In this case, the quadratic equation \( \displaystyle -x^2-x+1 = 0 \), has two real roots, so then:

\[\displaystyle -x^2-x+1 = - \left(x-\frac{1}{2}\sqrt{5}+\frac{1}{2}\right)\left(x+\frac{1}{2}\sqrt{5}+\frac{1}{2}\right)\]

so then the original polynomial is factored as \(\displaystyle p(x) = -x^2-x+1 = - \left(x-\frac{1}{2}\sqrt{5}+\frac{1}{2}\right)\left(x+\frac{1}{2}\sqrt{5}+\frac{1}{2}\right) \), which completes the factorization.

Conclusion: Therefore, the final factorization that we obtain is:

\[\displaystyle p(x) = -x^2-x+1 = - \left(x-\frac{1}{2}\sqrt{5}+\frac{1}{2}\right)\left(x+\frac{1}{2}\sqrt{5}+\frac{1}{2}\right)\]

The roots found using the factorization process are \(\frac{1}{2}\sqrt{5}-\frac{1}{2}\) and \(-\frac{1}{2}\sqrt{5}-\frac{1}{2}\) .

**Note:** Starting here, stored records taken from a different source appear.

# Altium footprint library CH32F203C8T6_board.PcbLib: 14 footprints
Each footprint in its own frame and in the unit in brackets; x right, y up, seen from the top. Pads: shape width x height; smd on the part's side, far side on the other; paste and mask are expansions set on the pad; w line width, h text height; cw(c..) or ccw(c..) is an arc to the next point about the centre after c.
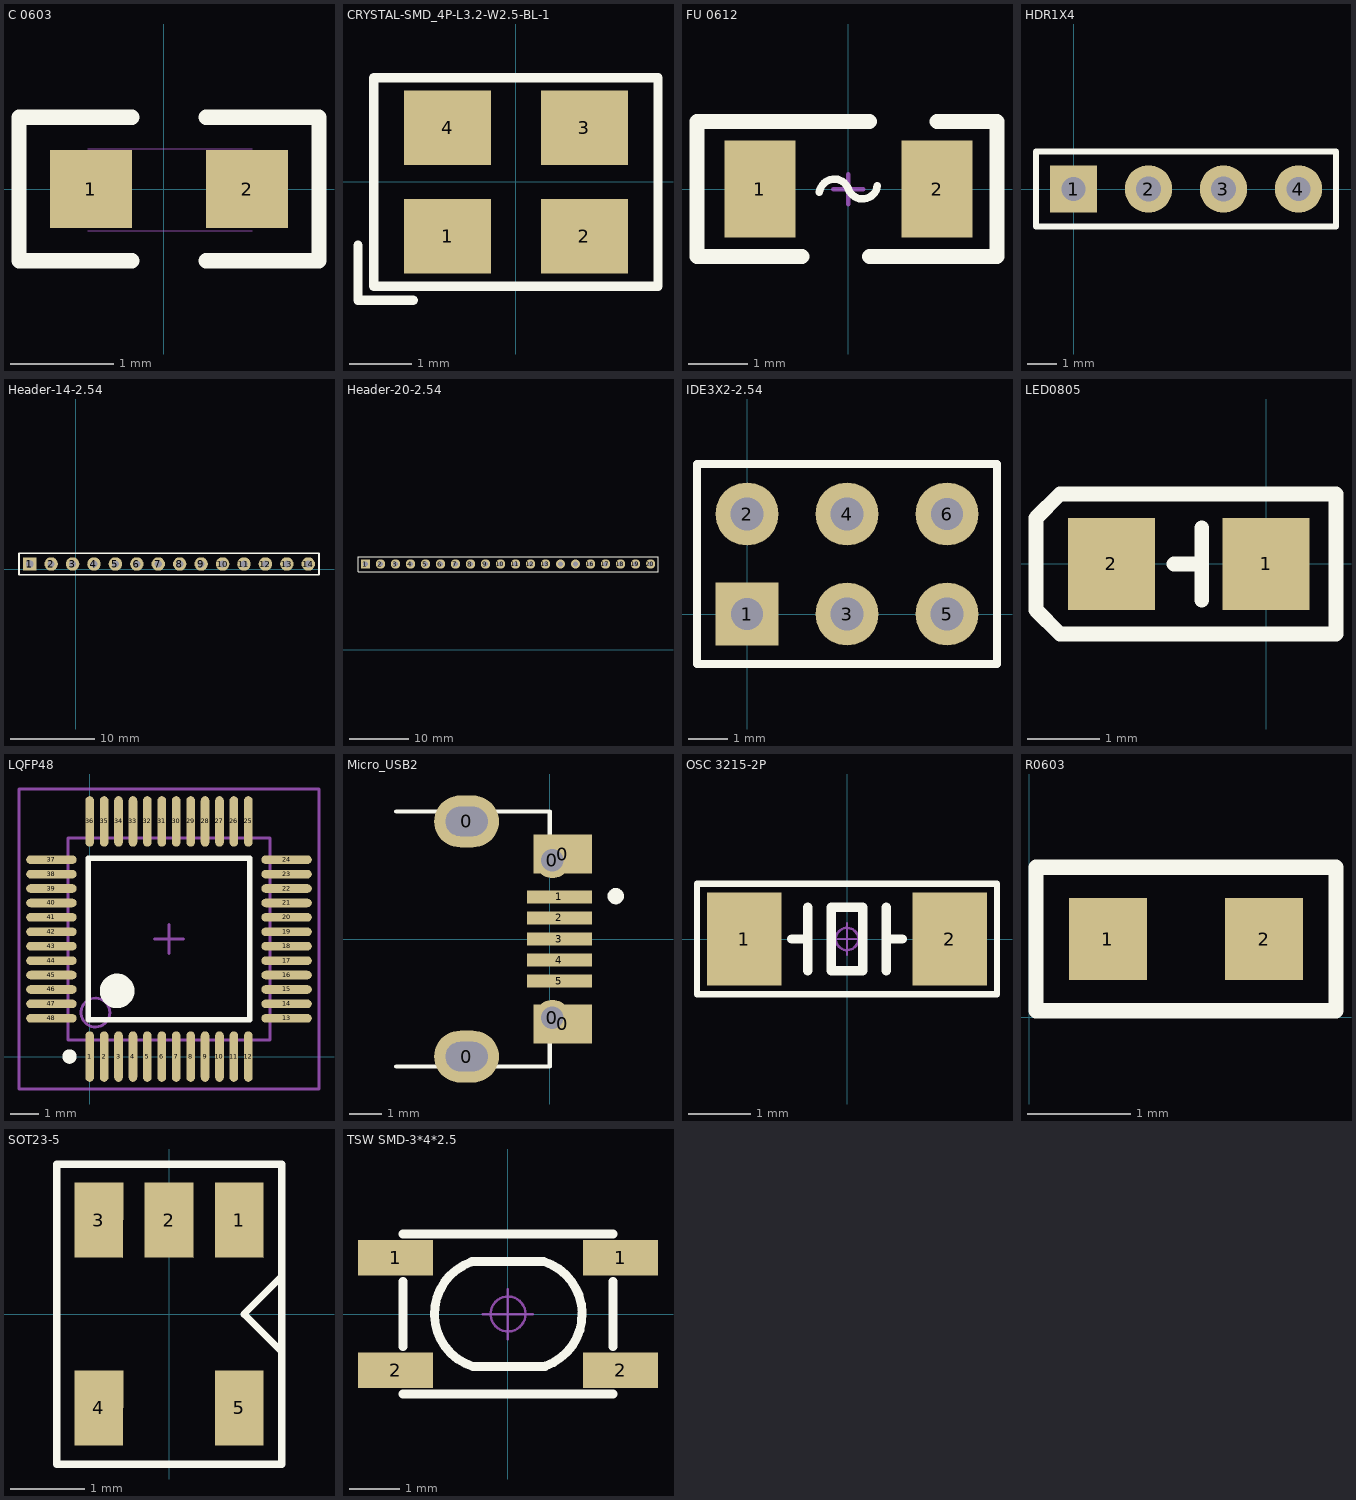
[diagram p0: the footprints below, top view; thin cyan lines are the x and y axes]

## C 0603 [mm] "无极性贴片电容"
pads (2):
  rect 0.8x0.76 smd: 1(-0.711,0) 2(0.809,0)
Top Overlay:
  lines w0.15: -0.311,-0.7 -1.411,-0.7 -1.411,0.7 -0.311,0.7 ; 0.409,-0.7 1.509,-0.7 1.509,0.7 0.409,0.7
Mechanical 13:
  lines w0.01: -0.742,-0.406 0.858,-0.406 ; -0.742,0.394 0.858,0.394
3D body "C 0603.STEP": height 0.81, standoff -0.01, extent -0.742,-0.41 0.858,0.41

## CRYSTAL-SMD_4P-L3.2-W2.5-BL-1 [mm]
pads (4):
  rect 1.4x1.2 smd: 1(-1.1,-0.875) 2(1.1,-0.875) 3(1.1,0.875) 4(-1.1,0.875)
Top Overlay:
  lines w0.152: -2.54,-1.016 -2.54,-1.778 -2.54,-1.905 -1.651,-1.905 ; -2.286,-1.679 2.286,-1.679 2.286,0 2.286,1.679 -2.286,1.679 -2.286,-1.679

## FU 0612 [mm] "贴片保险丝"
pads (2):
  rect 1.2x1.65 smd: 1(-1.5,0) 2(1.5,0)
Top Overlay:
  lines w0.127: -0.491,-0.058 cw(c-0.239,-0.087) 0,0 ccw(c0.239,0.087) 0.491,0.058
  lines w0.254: -0.786,-1.143 -2.564,-1.143 -2.564,1.143 -0.786,1.143 0.357,1.143 ; 0.357,-1.143 1.881,-1.143 ; 1.5,1.143 2.516,1.143 2.516,-1.143 1.627,-1.143
Mechanical 15:
  lines w0.076: -0.254,0 0.254,0 ; 0,-0.254 0,0.254
3D body "FU 0805.STEP": height 0.52, standoff 0, extent -1,-0.61 1,0.61

## HDR1X4 [mm] "Connector; Header; 4 Position"
pads (4):
  rect 1.6x1.6 hole 0.82: 1(0,0)
  round 1.6 hole 0.85: 2(2.54,0) 3(5.08,0)
  round 1.6 hole 0.82: 4(7.62,0)
Top Overlay:
  lines w0.203: -1.27,-1.27 8.89,-1.27 8.89,1.27 -1.27,1.27 -1.27,-1.27

## Header-14-2.54 [mm] "header 14 pin"
pads (14):
  rect 1.6x1.6 hole 0.85: 1(-5.461,0.635)
  round 1.6 hole 0.85: 2(-2.921,0.635) 3(-0.381,0.635) 4(2.159,0.635) 5(4.699,0.635) 6(7.239,0.635) 7(9.779,0.635) 8(12.319,0.635) 9(14.859,0.635) 10(17.399,0.635) 11(19.939,0.635) 12(22.479,0.635) 13(25.019,0.635) 14(27.559,0.635)
Top Overlay:
  lines w0.203: -6.73,-0.635 28.83,-0.635 28.83,1.905 -6.73,1.905 -6.73,-0.635

## Header-20-2.54 [mm] "header pin"
pads (20):
  rect 1.6x1.6 hole 0.82: 1(-72.771,14.478)
  round 1.6 hole 0.85: 2(-70.231,14.478) 3(-67.691,14.478) 4(-65.151,14.478) 5(-62.611,14.478) 6(-60.071,14.478) 7(-57.531,14.478) 8(-54.991,14.478) 9(-52.451,14.478) 10(-49.911,14.478) 11(-47.371,14.478) 12(-44.831,14.478) 13(-42.291,14.478) 16(-34.671,14.478) 17(-32.131,14.478) 18(-29.591,14.478) 19(-27.051,14.478)
  round 1.5 hole 0.85: 14(-39.751,14.478) 15(-37.211,14.478)
  round 1.6 hole 0.82: 20(-24.511,14.478)
Top Overlay:
  lines w0.203: -74.04,13.208 -23.24,13.208 -23.24,15.748 -74.04,15.748 -74.04,13.208

## IDE3X2-2.54 [mm]
pads (6):
  rect 1.6x1.6 hole 0.82: 1(0,0)
  round 1.6 hole 0.85: 2(0,2.54) 3(2.54,0) 4(2.54,2.54) 5(5.08,0)
  round 1.6 hole 0.82: 6(5.08,2.54)
Top Overlay:
  lines w0.2: 1.482,-1.27 6.35,-1.27 ; 6.35,-1.27 6.35,3.81 -1.27,3.81 -1.27,-1.27 6.35,-1.27

## LED0805 [mm]
pads (2):
  rect 1.2x1.27 smd: 1(0,0) 2(-2.134,0)
Top Overlay:
  lines w0.203: -1.27,0 -0.889,0 ; -0.889,-0.5 -0.889,0.5 ; -3.175,-0.635 -2.845,-0.965 -2.794,-0.965 0.965,-0.965 0.965,0.965 -2.845,0.965 -3.175,0.635 -3.175,-0.635

## LQFP48 [mm]
pads (48):
  oval 0.3x1.75 smd: 1(0,0) 2(0.5,0) 3(1,0) 4(1.5,0) 5(2,0) 6(2.5,0) 7(3,0) 8(3.5,0) 9(4,0) 10(4.5,0) 11(5,0) 12(5.5,0) 25(5.5,8.15) 26(5,8.15) 27(4.5,8.15) 28(4,8.15) 29(3.5,8.15) 30(3,8.15) 31(2.5,8.15) 32(2,8.15) 33(1.5,8.15) 34(1,8.15) 35(0.5,8.15) 36(0,8.15)
  oval 1.75x0.3 smd: 13(6.825,1.325) 14(6.825,1.825) 15(6.825,2.325) 16(6.825,2.825) 17(6.825,3.325) 18(6.825,3.825) 19(6.825,4.325) 20(6.825,4.825) 21(6.825,5.325) 22(6.825,5.825) 23(6.825,6.325) 24(6.825,6.825) 37(-1.325,6.825) 38(-1.325,6.325) 39(-1.325,5.825) 40(-1.325,5.325) 41(-1.325,4.825) 42(-1.325,4.325) 43(-1.325,3.825) 44(-1.325,3.325) 45(-1.325,2.825) 46(-1.325,2.325) 47(-1.325,1.825) 48(-1.325,1.325)
Top Overlay:
  circle w0.25: c-0.7,0 r0.125
  circle w0.6: c0.95,2.275 r0.3
  lines w0.2: -0.05,1.275 5.55,1.275 5.55,6.875 -0.05,6.875 -0.05,1.275
Mechanical 13:
  circle w0.1: c0.2,1.525 r0.5
  lines w0.1: -0.75,0.575 6.25,0.575 6.25,7.575 -0.75,7.575 -0.75,0.575
Mechanical 15:
  lines w0.1: 2.25,4.075 3.25,4.075 ; 2.75,3.575 2.75,4.575 ; -2.45,-1.125 7.95,-1.125 7.95,9.275 -2.45,9.275 -2.45,-1.125

## Micro_USB2 [mm] "Micro_USB Dock 5 Pin"
height 2.65
pads (11):
  oval 2x1.6 hole 0.9 slot 1.3 at 0 deg: 0(-2.564,-3.625) 0(-2.564,3.625)
  round 1.1 hole 0.7: 0(0.08,-2.425) 0(0.08,2.425)
  rect 1.8x1.2 smd: 0(0.4,-2.616) 0(0.4,2.616)
  rect 2x0.4 smd: 1(0.3,1.3) 2(0.3,0.65) 3(0.3,0) 4(0.3,-0.65) 5(0.3,-1.3)
Top Overlay:
  circle w0.25: c2.034,1.321 r0.125
  lines w0.127: -4.734,-3.937 -3.404,-3.937 ; -4.734,3.937 -3.454,3.937 ; -1.727,-3.937 0,-3.937 ; -1.651,3.937 0,3.937 ; 0,-3.9 0,-2.997 ; 0,2.972 0,3.9
3D body "User Library-MicroUSB-B_Molex_105017-0001.STEP": height 2.68, standoff -0.63, extent -5.201,-4.1 0.229,4.1

## OSC 3215-2P [mm] "3.2*1.5*0.6mm(长宽高)"
pads (2):
  rect 1.2x1.5 smd: 1(-1.65,0) 2(1.65,0)
Top Overlay:
  lines w0.1: -2.413,-0.889 -2.413,0.889 2.413,0.889 2.413,-0.889 -2.413,-0.889
  lines w0.152: -0.889,0 -0.635,0 ; -0.635,-0.508 -0.635,0.508 ; 0.635,-0.508 0.635,0.508 ; 0.635,0 0.889,0 ; -0.254,-0.508 0.254,-0.508 0.254,0.508 -0.254,0.508 -0.254,-0.508
Mechanical 15:
  circle w0.04: c0,0 r0.18
  lines w0.04: -0.254,0 0.254,0 ; 0,-0.254 0,0.254
3D body "OSC 3215-2.STEP": height 0.61, standoff -0.01, extent -1.6,-0.75 1.6,0.75

## R0603 [mm]
pads (2):
  rect 0.76x0.8 smd: 1(0.766,0.762) 2(2.286,0.762)
Top Overlay:
  lines w0.15: 0.066,0.062 2.986,0.062 2.986,1.462 0.066,1.462 0.066,0.062
3D body "RES0603.STEP": height 0.65, standoff 0.2, extent 0.749,0.348 2.349,1.168

## SOT23-5 [mil]
height 47.24
pads (5):
  rect 26x40 smd: 1(37.4,50) 2(0,50) 3(-37.4,50) 4(-37.4,-50) 5(37.4,-50)
Top Overlay:
  lines w4: 60,-20 40,0 60,20 ; -60,-80 -60,80 60,80 60,-80 -60,-80
  text "." at 70,49 h30

## TSW SMD-3*4*2.5 [mm] "3*4*2.5mm"
height 2.5
pads (4):
  rect 1.5x0.7 smd: 1(-2.25,1.125) 1(2.25,1.125) 2(-2.25,-1.125) 2(2.25,-1.125)
Top Overlay:
  lines w0.178: -2.1,-1.6 2.1,-1.6 ; -2.1,-0.65 -2.1,0.65 ; -2.1,1.6 2.1,1.6 ; -0.738,1.037 ccw(c-0.372,0) -0.7,-1.05 0.737,-1.05 ; -0.725,1.05 0.712,1.05 cw(c0.384,0) 0.75,-1.037 ; 2.1,-0.65 2.1,0.65
Mechanical 15:
  circle w0.05: c0,0 r0.35
  lines w0.05: -0.5,0 0.5,0 ; 0,-0.5 0,0.5

Therefore, solving for \(x\) for the given polynomial equation leads to the solutions \(x = \, \)\(\frac{1}{2}\sqrt{5}-\frac{1}{2}\), \(-\frac{1}{2}\sqrt{5}-\frac{1}{2}\), using factorization mathods.

Other useful Algebra calculators

The main goal of solving equations is to actually reduce a hard to solve equation to an easier-to-solve one. Usually, via a good substitution, we are able to transform a complicated equation into something simpler, like a polynomial equation.

Sometimes, the structure involves solving a trigonometric equation, in which case it all revolves about our ability to write all trig expressions in term of just one, and use a suitable substitution.